### Work to complete:
Search the data below for the word "whole" and report how many lines contain it, with no added words.

Input data section start

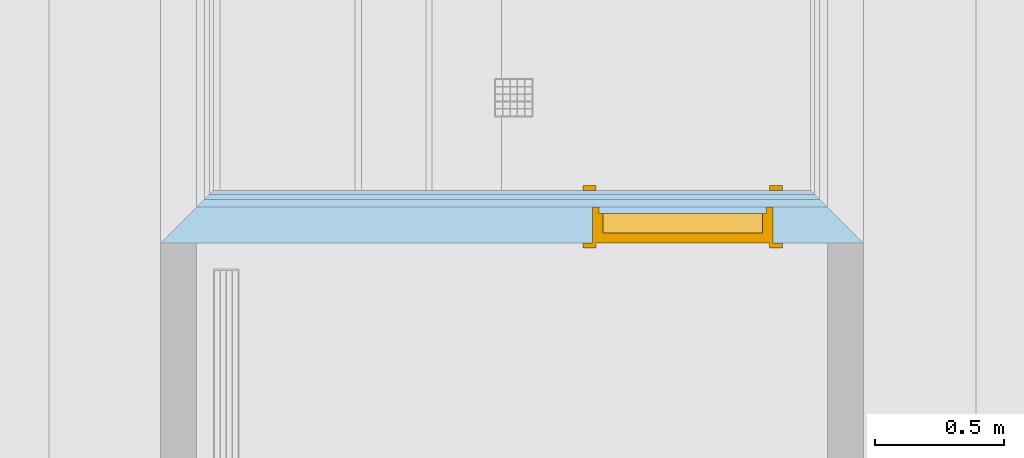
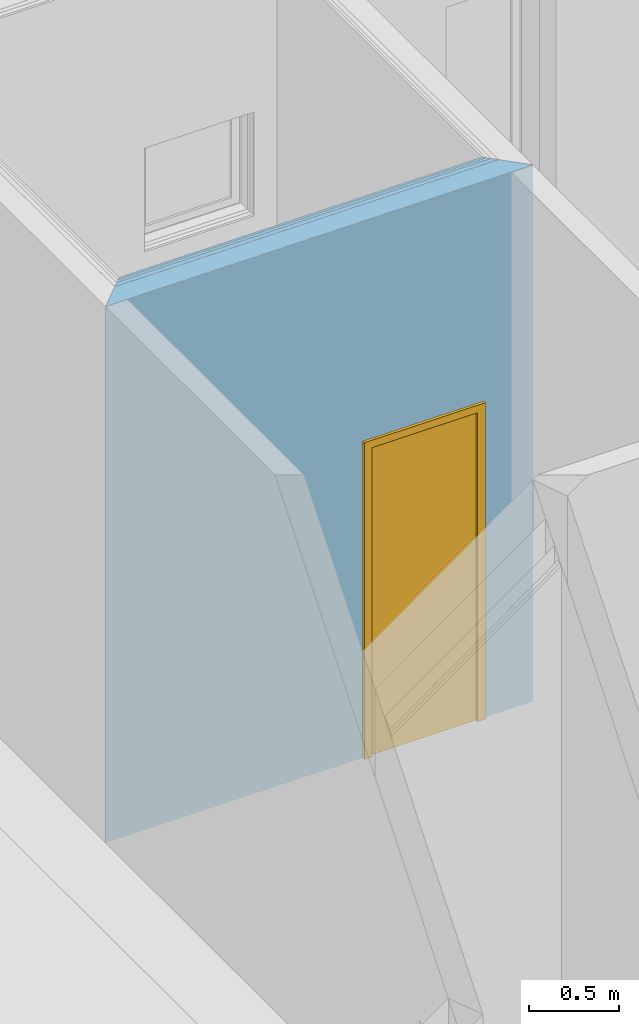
# One storey, part 65 of 100: 1 door, 1 opening, 1 element without a shape of its own, plus 4 elements that do not belong to this part.
"""IFC2X3 building model written with IfcOpenShell, lengths in millimetres."""

import ifcopenshell
import ifcopenshell.guid

model = None  # the IFC model being written
_history = None  # IfcOwnerHistory: only IFC2X3 demands one
_inside = {}  # id of a spatial element -> (the spatial element, [elements in it])
_under = {}  # id of a project, library or spatial element -> (it, [spatial elements below it])
_declared = {}  # id of a project -> (the project, [libraries it declares])
_typed = {}  # id of a type object -> (the type object, [elements of that type])
_made_of = {}  # id of a material, layer set ... -> (it, [elements and type objects made of it])


def new_model(schema):
    """Start an empty IFC model of exactly this schema.

    Asked for "IFC4X3", IfcOpenShell would pick the latest addendum, in which some entities
    have other attributes; the version numbers below select the first issue.
    IFC2X3 requires an IfcOwnerHistory on every rooted entity: one is made here for all.
    """
    global model, _history
    if schema == "IFC4X3":
        model = ifcopenshell.file(schema_version=(4, 3, 0, 0))
    else:
        model = ifcopenshell.file(schema=schema)
    _inside.clear()
    _under.clear()
    _declared.clear()
    _typed.clear()
    _made_of.clear()
    _history = None
    if model.schema == "IFC2X3":
        org = make("IfcOrganization", Name="unknown")
        user = make(
            "IfcPersonAndOrganization",
            ThePerson=make("IfcPerson", FamilyName="unknown"),
            TheOrganization=org,
        )
        app = make(
            "IfcApplication",
            ApplicationDeveloper=org,
            Version="unknown",
            ApplicationFullName="unknown",
            ApplicationIdentifier="unknown",
        )
        _history = make(
            "IfcOwnerHistory",
            OwningUser=user,
            OwningApplication=app,
            ChangeAction="ADDED",
            CreationDate=0,
        )
    return model


def make(cls, **values):
    """One entity of the class cls with the attributes given. An attribute that is None is left unset."""
    return model.create_entity(
        cls, **{name: value for name, value in values.items() if value is not None}
    )


def entity(cls, *values):
    """Any entity or typed value of the class cls, its attributes in the order of the schema. None: left unset."""
    e = model.create_entity(cls)
    for i, value in enumerate(values):
        if value is not None:
            e[i] = value
    return e


def rooted(cls, **values):
    """An entity with a GlobalId (a new one), such as an element, a storey or a relation."""
    return make(cls, GlobalId=ifcopenshell.guid.new(), OwnerHistory=_history, **values)


def si_unit(unit_type, name, prefix=None):
    """IfcSIUnit, for example si_unit("LENGTHUNIT", "METRE", prefix="MILLI")."""
    return make("IfcSIUnit", UnitType=unit_type, Prefix=prefix, Name=name)


def converted_unit(unit_type, name, factor, base, dimensions=None, offset=None):
    """IfcConversionBasedUnit, such as the inch: factor (a typed value) times the base unit."""
    return make(
        "IfcConversionBasedUnit"
        if offset is None
        else "IfcConversionBasedUnitWithOffset",
        ConversionOffset=offset,
        Dimensions=None
        if dimensions is None
        else entity("IfcDimensionalExponents", *dimensions),
        UnitType=unit_type,
        Name=name,
        ConversionFactor=make(
            "IfcMeasureWithUnit", ValueComponent=factor, UnitComponent=base
        ),
    )


def derived_unit(unit_type, elements):
    """IfcDerivedUnit: a product of units, each with its exponent."""
    return make(
        "IfcDerivedUnit",
        Elements=[
            make("IfcDerivedUnitElement", Unit=unit, Exponent=power)
            for unit, power in elements
        ],
        UnitType=unit_type,
    )


def money_unit(currency):
    """IfcMonetaryUnit."""
    return make("IfcMonetaryUnit", Currency=currency)


def assignment(units):
    """IfcUnitAssignment: the units of a project."""
    return None if units is None else make("IfcUnitAssignment", Units=units)


def point(xyz):
    """IfcCartesianPoint."""
    return None if xyz is None else make("IfcCartesianPoint", Coordinates=xyz)


def direction(xyz):
    """IfcDirection."""
    return None if xyz is None else make("IfcDirection", DirectionRatios=xyz)


def frame(location, z_axis=None, x_axis=None):
    """IfcAxis2Placement3D, a coordinate frame: its origin and axes. An axis left out is left unset."""
    return make(
        "IfcAxis2Placement3D",
        Location=point(location),
        Axis=direction(z_axis),
        RefDirection=direction(x_axis),
    )


def frame_2d(location, x_axis=None):
    """IfcAxis2Placement2D, a coordinate frame in the plane: its origin and x axis."""
    return make(
        "IfcAxis2Placement2D", Location=point(location), RefDirection=direction(x_axis)
    )


def origin_with_axes():
    """The frame at (0, 0, 0) with the z axis (0, 0, 1) and the x axis (1, 0, 0) written out."""
    return frame((0.0, 0.0, 0.0), z_axis=(0.0, 0.0, 1.0), x_axis=(1.0, 0.0, 0.0))


def origin_2d_with_axis():
    """The frame at (0, 0) in the plane with the x axis (1, 0) written out."""
    return frame_2d((0.0, 0.0), x_axis=(1.0, 0.0))


def place(relative_to, where):
    """IfcLocalPlacement: puts the frame where relative to a parent placement (None: the world)."""
    return make(
        "IfcLocalPlacement", PlacementRelTo=relative_to, RelativePlacement=where
    )


def context(
    kind, dimensions, precision=None, world=None, true_north=None, identifier=None
):
    """IfcGeometricRepresentationContext, for example the 3D "Model" context."""
    return make(
        "IfcGeometricRepresentationContext",
        ContextIdentifier=identifier,
        ContextType=kind,
        CoordinateSpaceDimension=dimensions,
        Precision=precision,
        WorldCoordinateSystem=world,
        TrueNorth=true_north,
    )


def subcontext(parent, identifier, kind, view, scale=None):
    """IfcGeometricRepresentationSubContext, for example "Body" below "Model"."""
    return make(
        "IfcGeometricRepresentationSubContext",
        ContextIdentifier=identifier,
        ContextType=kind,
        ParentContext=parent,
        TargetScale=scale,
        TargetView=view,
    )


def project(units=None, contexts=None):
    """IfcProject with its units and contexts."""
    return rooted(
        "IfcProject",
        Name="project",
        RepresentationContexts=contexts,
        UnitsInContext=assignment(units),
    )


def spatial(cls, under=None, at=None, **own):
    """A site, building, storey or space (cls), placed at a placement, below another one or the project."""
    s = rooted(cls, ObjectPlacement=at, **own)
    if under is not None:
        _under.setdefault(under.id(), (under, []))[1].append(s)
    return s


def polyline(points):
    """IfcPolyline through the points."""
    return make("IfcPolyline", Points=[point(p) for p in points])


def profile(cls, at=None, kind="AREA", **sizes):
    """A parametric profile (cls). Its sizes go by their IFC names, for example OverallWidth=200.0."""
    return make(cls, ProfileType=kind, Position=at, **sizes)


def rectangle(**sizes):
    """IfcRectangleProfileDef."""
    return profile("IfcRectangleProfileDef", **sizes)


def outline(outer, holes=None, kind="AREA"):
    """IfcArbitraryClosedProfileDef: a profile drawn as a closed curve; with holes, ...WithVoids."""
    if holes is None:
        return make("IfcArbitraryClosedProfileDef", ProfileType=kind, OuterCurve=outer)
    return make(
        "IfcArbitraryProfileDefWithVoids",
        ProfileType=kind,
        OuterCurve=outer,
        InnerCurves=holes,
    )


def extrude(swept, where, along, depth):
    """IfcExtrudedAreaSolid: the profile swept, set in the frame where, extruded along a direction by depth."""
    return make(
        "IfcExtrudedAreaSolid",
        SweptArea=swept,
        Position=where,
        ExtrudedDirection=direction(along),
        Depth=depth,
    )


def faces_of(points, faces, orient=None, outer=None):
    """IfcFace entities. A face is a list of loops; a loop is a list of indices into points, from 0.

    orient and outer hold one flag for each loop. By default every Orientation is true, the
    first loop of a face is its IfcFaceOuterBound and the others are IfcFaceBound.
    """
    made = []
    for i, loops in enumerate(faces):
        bounds = []
        for j, loop in enumerate(loops):
            is_outer = j == 0 if outer is None else outer[i][j]
            bounds.append(
                make(
                    "IfcFaceOuterBound" if is_outer else "IfcFaceBound",
                    Bound=make("IfcPolyLoop", Polygon=[points[k] for k in loop]),
                    Orientation=True if orient is None else orient[i][j],
                )
            )
        made.append(make("IfcFace", Bounds=bounds))
    return made


def faceted_brep(points, faces, orient=None, outer=None, voids=None):
    """IfcFacetedBrep: a solid bounded by flat faces; with voids (closed shells), ...WithVoids."""
    shared = [point(p) for p in points]
    hull = make("IfcClosedShell", CfsFaces=faces_of(shared, faces, orient, outer))
    if voids is None:
        return make("IfcFacetedBrep", Outer=hull)
    return make(
        "IfcFacetedBrepWithVoids",
        Outer=hull,
        Voids=[
            make(cls, CfsFaces=faces_of(shared, fs, o, b)) for cls, fs, o, b in voids
        ],
    )


def shape(context_of_items, identifier, shape_type, items):
    """IfcShapeRepresentation: the items that make up one representation, for example the "Body"."""
    return make(
        "IfcShapeRepresentation",
        ContextOfItems=context_of_items,
        RepresentationIdentifier=identifier,
        RepresentationType=shape_type,
        Items=items,
    )


def material(Name=None, Category=None):
    """IfcMaterial."""
    return make("IfcMaterial", Name=Name, Category=Category)


def made_of(thing, what):
    """Note that an element or type object is made of a material, layer set ...; save() writes the relation."""
    if what is not None:
        _made_of.setdefault(what.id(), (what, []))[1].append(thing)
    return thing


def type_object(cls, material=None, **own):
    """A type object (cls), such as IfcWallType, which elements share."""
    return made_of(rooted(cls, **own), material)


def element(
    cls,
    number,
    at=None,
    inside=None,
    cuts=None,
    type_object=None,
    material=None,
    context=None,
    identifier="Body",
    shape_type=None,
    held_by="IfcProductDefinitionShape",
    body=None,
    shapes=None,
    **own,
):
    """One element of the class cls, such as IfcWall. Its Tag is "e" and its number.

    at: its placement. inside: the storey or other place that contains it. cuts: it is an
    opening in that element (IfcRelVoidsElement). A single representation is given by context,
    identifier, shape_type and body (its items); several are given by shapes. held_by: the class
    of the entity that holds the representations. save() writes the other relations.
    """
    e = rooted(cls, Tag="e%d" % number, ObjectPlacement=at, **own)
    if body is not None:
        shapes = [shape(context, identifier, shape_type, body)]
    if shapes is not None:
        e.Representation = make(held_by, Representations=shapes)
    if inside is not None:
        _inside.setdefault(inside.id(), (inside, []))[1].append(e)
    if cuts is not None:
        rooted(
            "IfcRelVoidsElement", RelatingBuildingElement=cuts, RelatedOpeningElement=e
        )
    if type_object is not None:
        _typed.setdefault(type_object.id(), (type_object, []))[1].append(e)
    return made_of(e, material)


def fill(opening, filler):
    """IfcRelFillsElement: the door or window that sits in an opening."""
    return rooted(
        "IfcRelFillsElement",
        RelatingOpeningElement=opening,
        RelatedBuildingElement=filler,
    )


def aggregate(whole, parts):
    """IfcRelAggregates: a whole, such as a stair, and the parts it consists of."""
    return rooted("IfcRelAggregates", RelatingObject=whole, RelatedObjects=parts)


def save(model, path):
    """Write the relations noted so far, then the file.

    IfcRelAggregates (storeys below a building ...), IfcRelContainedInSpatialStructure (elements
    in a storey), IfcRelDefinesByType, IfcRelAssociatesMaterial and IfcRelDeclares: one each for
    every whole, place, type object, material and project.
    """
    for whole, parts in _under.values():
        aggregate(whole, parts)
    for where, things in _inside.values():
        rooted(
            "IfcRelContainedInSpatialStructure",
            RelatedElements=things,
            RelatingStructure=where,
        )
    for kind, things in _typed.values():
        rooted("IfcRelDefinesByType", RelatedObjects=things, RelatingType=kind)
    for what, things in _made_of.values():
        rooted("IfcRelAssociatesMaterial", RelatedObjects=things, RelatingMaterial=what)
    for by, libraries in _declared.values():
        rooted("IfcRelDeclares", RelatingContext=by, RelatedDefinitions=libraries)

Input data section end

### Exercise solution:
6